→ Data to process
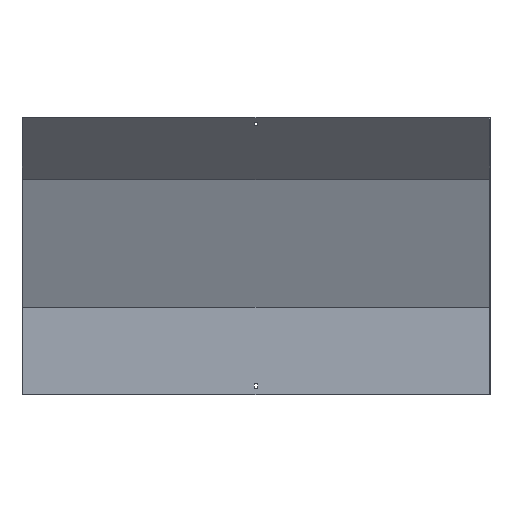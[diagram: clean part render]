
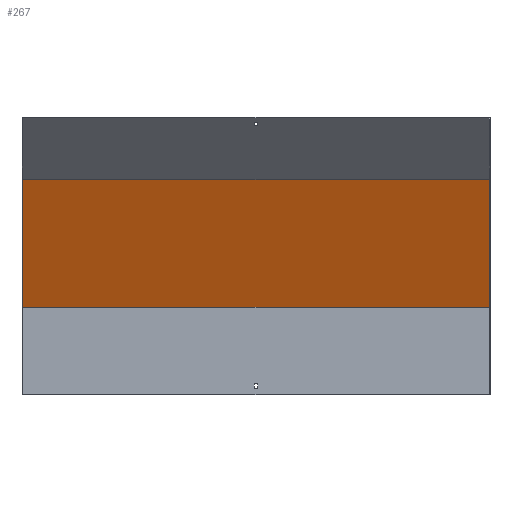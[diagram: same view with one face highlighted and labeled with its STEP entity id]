
A CAD part, front view. The second image highlights one B-rep face of the part: STEP entity #267.
In plain terms, the highlighted planar face has unit normal (0, -0.924, -0.383).
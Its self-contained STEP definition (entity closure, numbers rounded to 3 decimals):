
#57 = CARTESIAN_POINT ( 'NONE',  ( 451.5, 17.092, 172.08 ) ) ;
#115 = VECTOR ( 'NONE', #761, 1000. ) ;
#117 = DIRECTION ( 'NONE',  ( 0., 0.383, -0.924 ) ) ;
#122 = VERTEX_POINT ( 'NONE', #711 ) ;
#150 = EDGE_CURVE ( 'NONE', #122, #209, #622, .T. ) ;
#209 = VERTEX_POINT ( 'NONE', #564 ) ;
#228 = DIRECTION ( 'NONE',  ( 0., -0.383, 0.924 ) ) ;
#249 = LINE ( 'NONE', #327, #539 ) ;
#251 = DIRECTION ( 'NONE',  ( 0., -0.924, -0.383 ) ) ;
#267 = ADVANCED_FACE ( 'NONE', ( #599 ), #378, .T. ) ;
#292 = LINE ( 'NONE', #787, #853 ) ;
#297 = CARTESIAN_POINT ( 'NONE',  ( 451.5, 18.5, 168.68 ) ) ;
#327 = CARTESIAN_POINT ( 'NONE',  ( 451.5, -83.431, 414.764 ) ) ;
#378 = PLANE ( 'NONE',  #699 ) ;
#392 = EDGE_CURVE ( 'NONE', #122, #663, #568, .T. ) ;
#436 = ORIENTED_EDGE ( 'NONE', *, *, #150, .T. ) ;
#453 = CARTESIAN_POINT ( 'NONE',  ( -450., -83.431, 414.764 ) ) ;
#455 = VERTEX_POINT ( 'NONE', #453 ) ;
#469 = EDGE_CURVE ( 'NONE', #209, #455, #249, .T. ) ;
#514 = ORIENTED_EDGE ( 'NONE', *, *, #469, .T. ) ;
#533 = ORIENTED_EDGE ( 'NONE', *, *, #822, .F. ) ;
#535 = EDGE_LOOP ( 'NONE', ( #533, #687, #436, #514 ) ) ;
#539 = VECTOR ( 'NONE', #725, 1000. ) ;
#564 = CARTESIAN_POINT ( 'NONE',  ( 450., -83.431, 414.764 ) ) ;
#568 = LINE ( 'NONE', #297, #115 ) ;
#571 = CARTESIAN_POINT ( 'NONE',  ( 450., 75.428, 31.243 ) ) ;
#572 = CARTESIAN_POINT ( 'NONE',  ( -450., 18.5, 168.68 ) ) ;
#599 = FACE_OUTER_BOUND ( 'NONE', #535, .T. ) ;
#622 = LINE ( 'NONE', #571, #642 ) ;
#642 = VECTOR ( 'NONE', #228, 1000. ) ;
#663 = VERTEX_POINT ( 'NONE', #572 ) ;
#687 = ORIENTED_EDGE ( 'NONE', *, *, #392, .F. ) ;
#699 = AXIS2_PLACEMENT_3D ( 'NONE', #57, #251, #117 ) ;
#711 = CARTESIAN_POINT ( 'NONE',  ( 450., 18.5, 168.68 ) ) ;
#725 = DIRECTION ( 'NONE',  ( -1., 0., 0. ) ) ;
#761 = DIRECTION ( 'NONE',  ( -1., 0., 0. ) ) ;
#785 = DIRECTION ( 'NONE',  ( 0., -0.383, 0.924 ) ) ;
#787 = CARTESIAN_POINT ( 'NONE',  ( -450., 75.428, 31.243 ) ) ;
#822 = EDGE_CURVE ( 'NONE', #663, #455, #292, .T. ) ;
#853 = VECTOR ( 'NONE', #785, 1000. ) ;

→ Your objective
Everything from the line with "#292 = LINE ( 'NONE', #787, #853 ) ;" through the line with "#568 = LINE ( 'NONE', #297, #115 ) ;" in the listing above must be retyped exactly, with nothing added.

→ Solution to the problem
#292 = LINE ( 'NONE', #787, #853 ) ;
#297 = CARTESIAN_POINT ( 'NONE',  ( 451.5, 18.5, 168.68 ) ) ;
#327 = CARTESIAN_POINT ( 'NONE',  ( 451.5, -83.431, 414.764 ) ) ;
#378 = PLANE ( 'NONE',  #699 ) ;
#392 = EDGE_CURVE ( 'NONE', #122, #663, #568, .T. ) ;
#436 = ORIENTED_EDGE ( 'NONE', *, *, #150, .T. ) ;
#453 = CARTESIAN_POINT ( 'NONE',  ( -450., -83.431, 414.764 ) ) ;
#455 = VERTEX_POINT ( 'NONE', #453 ) ;
#469 = EDGE_CURVE ( 'NONE', #209, #455, #249, .T. ) ;
#514 = ORIENTED_EDGE ( 'NONE', *, *, #469, .T. ) ;
#533 = ORIENTED_EDGE ( 'NONE', *, *, #822, .F. ) ;
#535 = EDGE_LOOP ( 'NONE', ( #533, #687, #436, #514 ) ) ;
#539 = VECTOR ( 'NONE', #725, 1000. ) ;
#564 = CARTESIAN_POINT ( 'NONE',  ( 450., -83.431, 414.764 ) ) ;
#568 = LINE ( 'NONE', #297, #115 ) ;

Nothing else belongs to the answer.